Aim of the exercise = Copy, from the material below, each line where "part" shows up.

▬▬▬▬▬▬

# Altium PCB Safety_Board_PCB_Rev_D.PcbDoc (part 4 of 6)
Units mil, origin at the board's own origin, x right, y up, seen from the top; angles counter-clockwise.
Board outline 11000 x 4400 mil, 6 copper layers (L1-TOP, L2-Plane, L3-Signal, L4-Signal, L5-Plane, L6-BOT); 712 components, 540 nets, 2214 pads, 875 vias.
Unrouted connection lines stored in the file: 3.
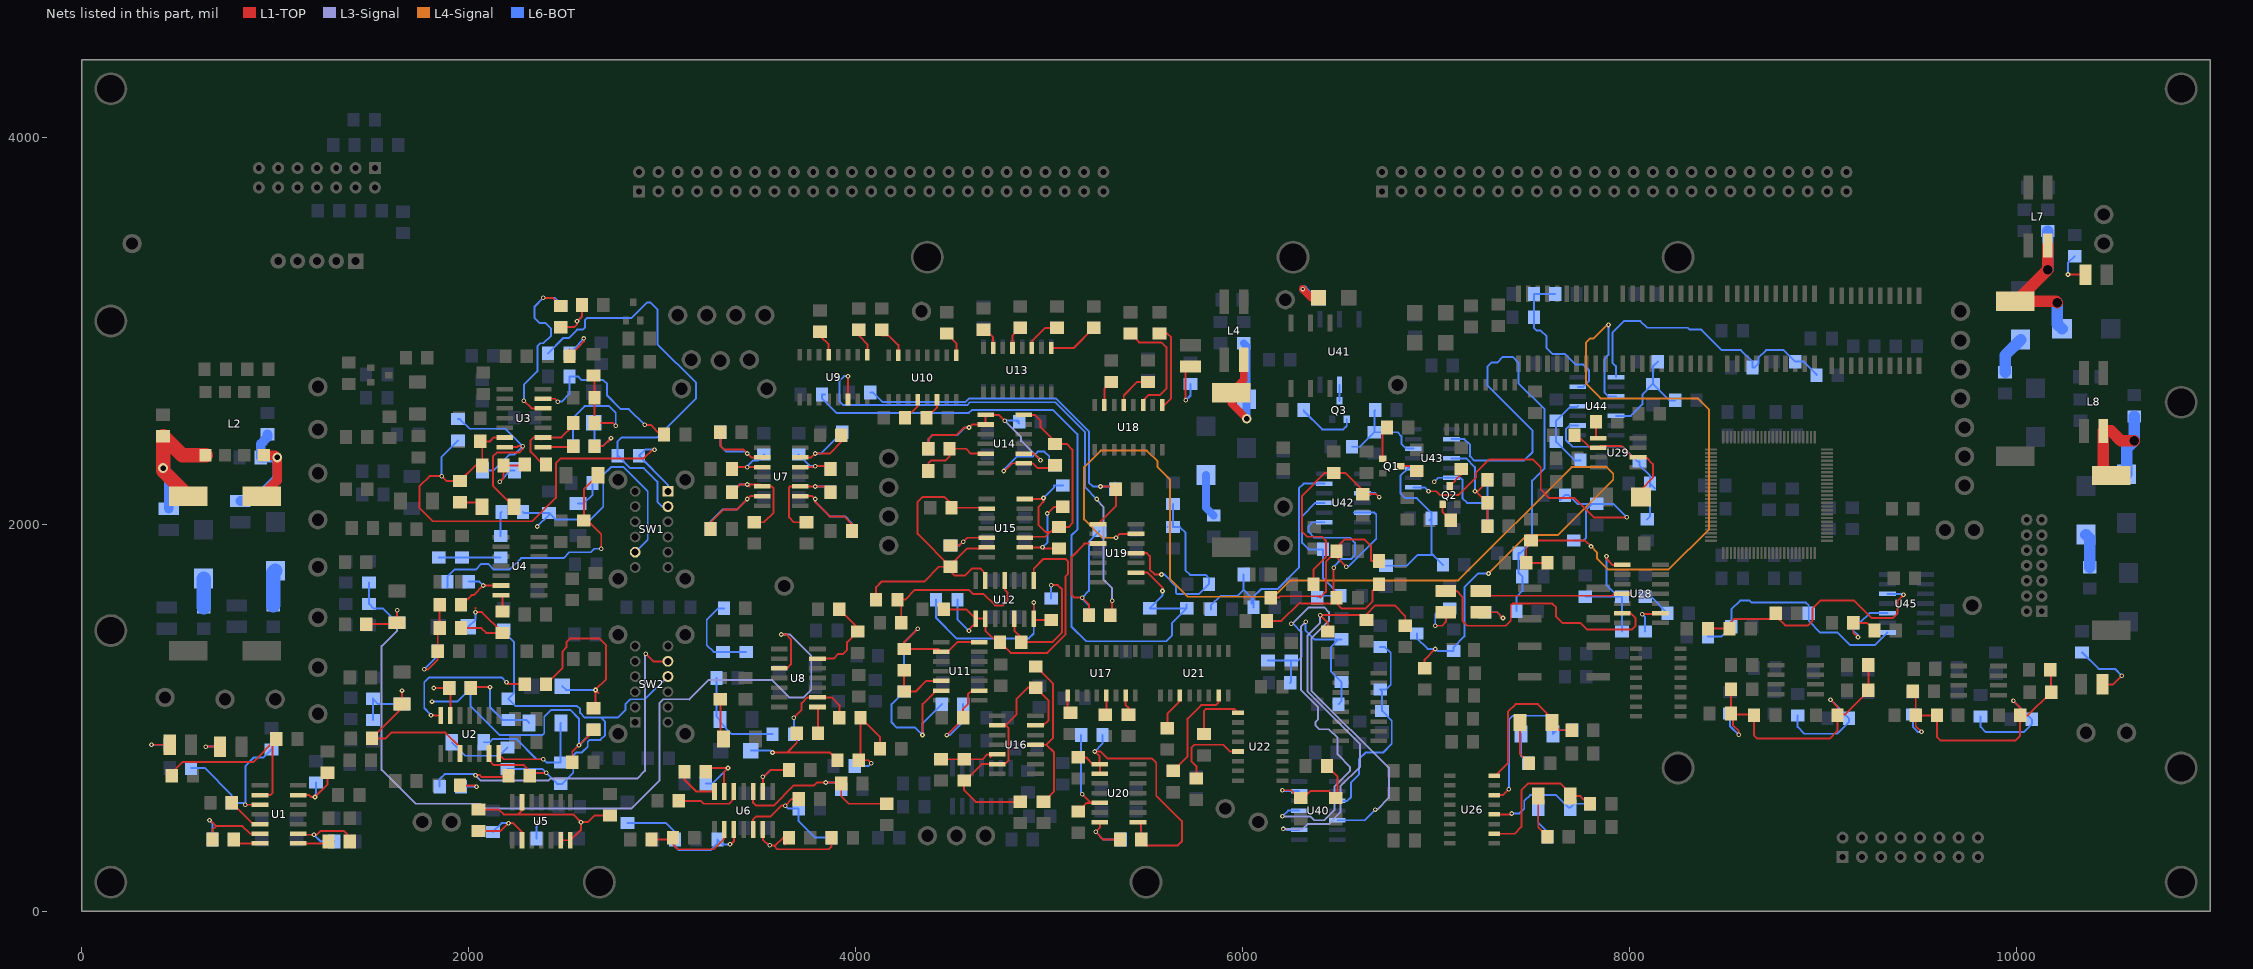
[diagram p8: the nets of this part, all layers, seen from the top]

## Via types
v1: diameter 24, hole 12, L1-TOP to L6-BOT, 720 vias
v2: diameter 50, hole 28, L1-TOP to L6-BOT, 138 vias
v3: diameter 28, hole 50, L1-TOP to L6-BOT, 17 vias

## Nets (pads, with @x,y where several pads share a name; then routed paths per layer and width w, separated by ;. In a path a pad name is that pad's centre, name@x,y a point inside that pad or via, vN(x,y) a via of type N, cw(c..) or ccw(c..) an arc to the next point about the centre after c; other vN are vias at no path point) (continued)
NetC28_2: C28.2 R130.1 R133.1 U40.13 | length 597.8
  L1-TOP w10: v1(6205,625) 6250,625 R130.1@6289.88,585.12 ; R130.1@6300,585.12 6315.12,585.12 6350,620 6445.12,620 R133.1@6480,585.12 6490,595.12 6490,695.12 C28.2@6435.12,750
  L6-BOT w10: v1(6205,625) 6205,630 6215,620 U40.13@6291.57,620
NetC29_2: C29.2 R131.1 R134.1 U42.3 | length 1184.4
  L1-TOP w10: R131.1@6365.12,1690 6365.12,1764.28 6430,1829.16 6430,1915 6410,1935 6334.04,1935 6307,1962.04 6307,2147 6424.88,2264.88 6530.12,2264.88 6620,2175 C29.2@6620,2155.12 6689.88,2155.12 v1(6705,2140)
  L6-BOT w10: U42.3@6618.43,2160 6685,2160 v1(6705,2140)
NetC30_2: C30.2 R126.1 R135.1 U42.5 | length 1446.8
  L1-TOP w10: R126.1@6145.12,1620 6185,1620 6192.66,1627.65 6407.66,1627.65 ; 6400,1620 6430,1650 6430,1805.12 R135.1@6484.88,1860 ; v1(6535,1780) 6484.88,1830.12 6484.88,1879.88 6525,1920 6630,1920 6662.43,1887.57 6662.43,1812.57 6665,1810 C30.2@6704.88,1810
  L6-BOT w10: v1(6535,1780) 6545,1780 6690,1925 6690,2050 6680,2060 6575,2060
NetC31_2: C31.2 R124.1 R136.1 U42.9 | length 1528.8
  L1-TOP w10: R124.1@6125.12,1500 6200,1500 6290,1590 6454.88,1590 R136.1@6484.88,1620 6470,1634.88 v1(6470,1775) ; R136.1@6470,1595 6485,1610 R136.1@6485,1645 ; R136.1@6484.88,1590.12 6510,1565 6635,1565 6670,1600 6670,1655.12 C31.2@6704.88,1690
  L6-BOT w10: U42.9@6421.57,2010 6360,2010 6340,1990 6340,1960 6370,1930 6555,1930 6580,1905 6580,1840 6560,1820 6510,1820 6470,1780 v1(6470,1775)
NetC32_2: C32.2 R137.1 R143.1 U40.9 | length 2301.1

▬▬▬▬▬▬

The completed task =
# Altium PCB Safety_Board_PCB_Rev_D.PcbDoc (part 4 of 6)
[diagram p8: the nets of this part, all layers, seen from the top]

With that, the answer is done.